The code should simplify to something like:

MECHANISM_GO_MAPPING = yaml.load("metadata/signor_mechanism_go_mapping.yaml")

Also adding a "relation" field for each mapping. Note the example relation assignments above are made up by me. I believe @thomaspd will be adding this field to the same table in the paper so I can just populate from that.

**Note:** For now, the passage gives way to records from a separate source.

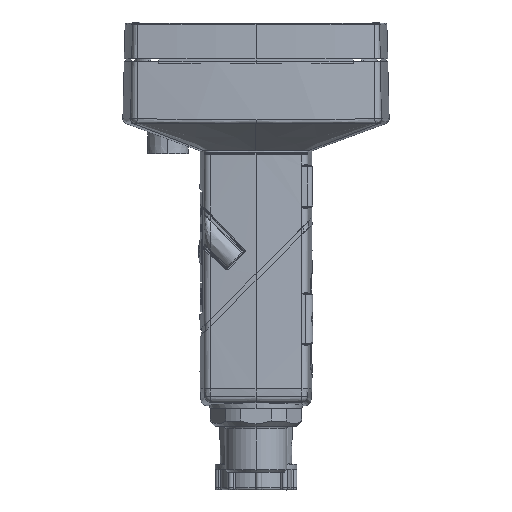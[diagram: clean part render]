
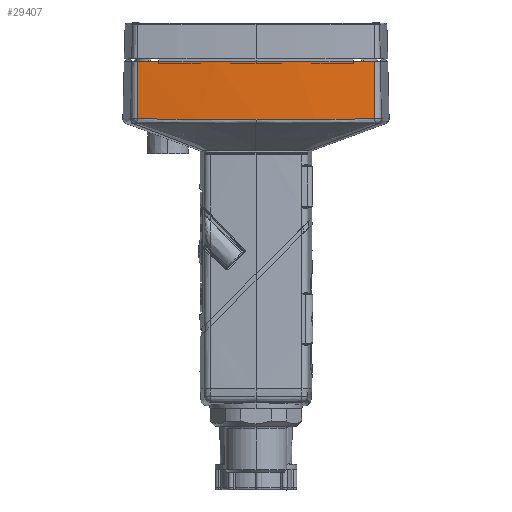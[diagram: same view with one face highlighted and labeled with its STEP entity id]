
A CAD part, left-side view. The second image highlights one B-rep face of the part: STEP entity #29407.
In plain terms, the highlighted conical face has half-angle 1 degrees and reference radius 195 mm.
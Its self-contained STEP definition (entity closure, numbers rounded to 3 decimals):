
#1364 = B_SPLINE_CURVE_WITH_KNOTS ( 'NONE', 3,
 ( #15720, #65054, #65289, #32285, #70761, #37856, #4893, #43418, #10412, #48901, #15955, #54392, #21460, #59948, #26985, #65508 ),
 .UNSPECIFIED., .F., .F.,
 ( 4, 2, 2, 1, 1, 2, 2, 2, 4 ),
 ( 0., 0., 0.001, 0.001, 0.001, 0.003, 0.006, 0.012, 0.023 ),
 .UNSPECIFIED. ) ;
#1642 = CARTESIAN_POINT ( 'NONE',  ( -28.857, -22.834, 6.707 ) ) ;
#4027 = VECTOR ( 'NONE', #34620, 1000. ) ;
#4526 = EDGE_CURVE ( 'NONE', #50227, #55145, #44308, .T. ) ;
#4893 = CARTESIAN_POINT ( 'NONE',  ( -28.913, 22.351, 6.709 ) ) ;
#5762 = LINE ( 'NONE', #7233, #4027 ) ;
#6431 = CARTESIAN_POINT ( 'NONE',  ( -28.821, -23.135, 6.74 ) ) ;
#7143 = CARTESIAN_POINT ( 'NONE',  ( -28.878, -22.653, 6.709 ) ) ;
#7233 = CARTESIAN_POINT ( 'NONE',  ( -28.611, -23.231, 18. ) ) ;
#7772 = CARTESIAN_POINT ( 'NONE',  ( 165., 0., 18. ) ) ;
#8794 = AXIS2_PLACEMENT_3D ( 'NONE', #20635, #53580, #37504 ) ;
#10412 = CARTESIAN_POINT ( 'NONE',  ( -29.082, 20.843, 6.707 ) ) ;
#12654 = CARTESIAN_POINT ( 'NONE',  ( -29.003, -21.567, 6.708 ) ) ;
#13282 = DIRECTION ( 'NONE',  ( 1., 0., 0. ) ) ;
#15720 = CARTESIAN_POINT ( 'NONE',  ( -28.806, 23.255, 6.762 ) ) ;
#15955 = CARTESIAN_POINT ( 'NONE',  ( -29.328, 18.427, 6.705 ) ) ;
#17888 = ORIENTED_EDGE ( 'NONE', *, *, #59529, .T. ) ;
#18195 = CARTESIAN_POINT ( 'NONE',  ( -29.234, -19.394, 6.706 ) ) ;
#19908 = EDGE_CURVE ( 'NONE', #50227, #55176, #41277, .T. ) ;
#20635 = CARTESIAN_POINT ( 'NONE',  ( 165., 0., 18. ) ) ;
#21460 = CARTESIAN_POINT ( 'NONE',  ( -29.733, 13.587, 6.702 ) ) ;
#22465 = DIRECTION ( 'NONE',  ( -0.017, 0.002, -1. ) ) ;
#23749 = CARTESIAN_POINT ( 'NONE',  ( -29.589, -15.525, 6.703 ) ) ;
#26985 = CARTESIAN_POINT ( 'NONE',  ( -30.197, 3.885, 6.696 ) ) ;
#27198 = EDGE_CURVE ( 'NONE', #55145, #30999, #5762, .T. ) ;
#27617 = AXIS2_PLACEMENT_3D ( 'NONE', #7772, #46284, #13282 ) ;
#29234 = CARTESIAN_POINT ( 'NONE',  ( -30.081, -7.77, 6.698 ) ) ;
#29407 = ADVANCED_FACE ( 'NONE', ( #35250 ), #57629, .T. ) ;
#30999 = VERTEX_POINT ( 'NONE', #44352 ) ;
#31527 = ORIENTED_EDGE ( 'NONE', *, *, #66828, .F. ) ;
#32007 = B_SPLINE_CURVE_WITH_KNOTS ( 'NONE', 3,
 ( #67276, #6431, #34537, #1642, #40117, #7143, #45659, #12654, #51164, #18195, #56675, #23749, #62204, #29234, #67750, #34797 ),
 .UNSPECIFIED., .F., .F.,
 ( 4, 2, 2, 1, 1, 2, 2, 2, 4 ),
 ( 0., 0., 0.001, 0.001, 0.001, 0.003, 0.006, 0.012, 0.023 ),
 .UNSPECIFIED. ) ;
#32285 = CARTESIAN_POINT ( 'NONE',  ( -28.857, 22.834, 6.707 ) ) ;
#32726 = ORIENTED_EDGE ( 'NONE', *, *, #4526, .F. ) ;
#34537 = CARTESIAN_POINT ( 'NONE',  ( -28.835, -23.014, 6.722 ) ) ;
#34620 = DIRECTION ( 'NONE',  ( -0.017, -0.002, -1. ) ) ;
#34797 = CARTESIAN_POINT ( 'NONE',  ( -30.197, 0., 6.695 ) ) ;
#35250 = FACE_OUTER_BOUND ( 'NONE', #63594, .T. ) ;
#37504 = DIRECTION ( 'NONE',  ( 1., 0., 0. ) ) ;
#37856 = CARTESIAN_POINT ( 'NONE',  ( -28.878, 22.653, 6.709 ) ) ;
#40117 = CARTESIAN_POINT ( 'NONE',  ( -28.864, -22.773, 6.709 ) ) ;
#41277 = LINE ( 'NONE', #49891, #54079 ) ;
#43418 = CARTESIAN_POINT ( 'NONE',  ( -29.003, 21.567, 6.708 ) ) ;
#43920 = CARTESIAN_POINT ( 'NONE',  ( -30.197, 0., 6.695 ) ) ;
#44308 = CIRCLE ( 'NONE', #27617, 195. ) ;
#44352 = CARTESIAN_POINT ( 'NONE',  ( -28.806, -23.255, 6.762 ) ) ;
#45659 = CARTESIAN_POINT ( 'NONE',  ( -28.913, -22.351, 6.709 ) ) ;
#46284 = DIRECTION ( 'NONE',  ( 0., 0., 1. ) ) ;
#46592 = CARTESIAN_POINT ( 'NONE',  ( -28.611, -23.231, 18. ) ) ;
#48901 = CARTESIAN_POINT ( 'NONE',  ( -29.234, 19.394, 6.706 ) ) ;
#49891 = CARTESIAN_POINT ( 'NONE',  ( -28.611, 23.231, 18. ) ) ;
#50227 = VERTEX_POINT ( 'NONE', #62182 ) ;
#51164 = CARTESIAN_POINT ( 'NONE',  ( -29.082, -20.843, 6.707 ) ) ;
#51426 = ORIENTED_EDGE ( 'NONE', *, *, #27198, .F. ) ;
#53580 = DIRECTION ( 'NONE',  ( 0., 0., -1. ) ) ;
#54079 = VECTOR ( 'NONE', #22465, 1000. ) ;
#54392 = CARTESIAN_POINT ( 'NONE',  ( -29.589, 15.525, 6.703 ) ) ;
#55145 = VERTEX_POINT ( 'NONE', #46592 ) ;
#55176 = VERTEX_POINT ( 'NONE', #62951 ) ;
#56675 = CARTESIAN_POINT ( 'NONE',  ( -29.328, -18.427, 6.705 ) ) ;
#57629 = CONICAL_SURFACE ( 'NONE', #8794, 195., 0.017 ) ;
#59529 = EDGE_CURVE ( 'NONE', #55176, #68890, #1364, .T. ) ;
#59948 = CARTESIAN_POINT ( 'NONE',  ( -30.081, 7.77, 6.698 ) ) ;
#62182 = CARTESIAN_POINT ( 'NONE',  ( -28.611, 23.231, 18. ) ) ;
#62204 = CARTESIAN_POINT ( 'NONE',  ( -29.733, -13.587, 6.702 ) ) ;
#62951 = CARTESIAN_POINT ( 'NONE',  ( -28.806, 23.255, 6.762 ) ) ;
#63594 = EDGE_LOOP ( 'NONE', ( #67424, #17888, #31527, #51426, #32726 ) ) ;
#65054 = CARTESIAN_POINT ( 'NONE',  ( -28.821, 23.135, 6.74 ) ) ;
#65289 = CARTESIAN_POINT ( 'NONE',  ( -28.835, 23.014, 6.722 ) ) ;
#65508 = CARTESIAN_POINT ( 'NONE',  ( -30.197, 0., 6.695 ) ) ;
#66828 = EDGE_CURVE ( 'NONE', #30999, #68890, #32007, .T. ) ;
#67276 = CARTESIAN_POINT ( 'NONE',  ( -28.806, -23.255, 6.762 ) ) ;
#67424 = ORIENTED_EDGE ( 'NONE', *, *, #19908, .T. ) ;
#67750 = CARTESIAN_POINT ( 'NONE',  ( -30.197, -3.885, 6.696 ) ) ;
#68890 = VERTEX_POINT ( 'NONE', #43920 ) ;
#70761 = CARTESIAN_POINT ( 'NONE',  ( -28.864, 22.773, 6.709 ) ) ;

dustine32 commented 4 years ago

Actually, this format's way more readable:

-
  MECHANISM: acetylation
  MI_ID: MI:0192
  GO_ID: GO:0016407
  RELATION: RO:0002304
-
  MECHANISM: binding
  MI_ID: MI:0915
  GO_ID: GO:0005515
  RELATION: RO:0002629
vtoure commented 4 years ago

@dustine32 Why is there a 'relation' mapped for each mechanism? It is not a one-to-one mapping, right? (i.e, one mechanism can have different type of causal relation) or does 'relation' refers to something else? Thanks

dustine32 commented 4 years ago

@vtoure Right, the relation column shouldn't be 1:1 for mechanisms. I just quickly added those examples for the ticket. @thomaspd was going to add a relation column to the paper table but I'm actually not sure what the values will look like. I could see the cardinality being zero-to-many with zero just meaning use the existing default causal relation logic we've already coded.

This probably relates to some of the paper doc comments:

Currently, this RELATION field is just sitting in the new YAML file, being ignored by the conversion code. We can wait to see what @thomaspd has in mind for this field and then design accordingly?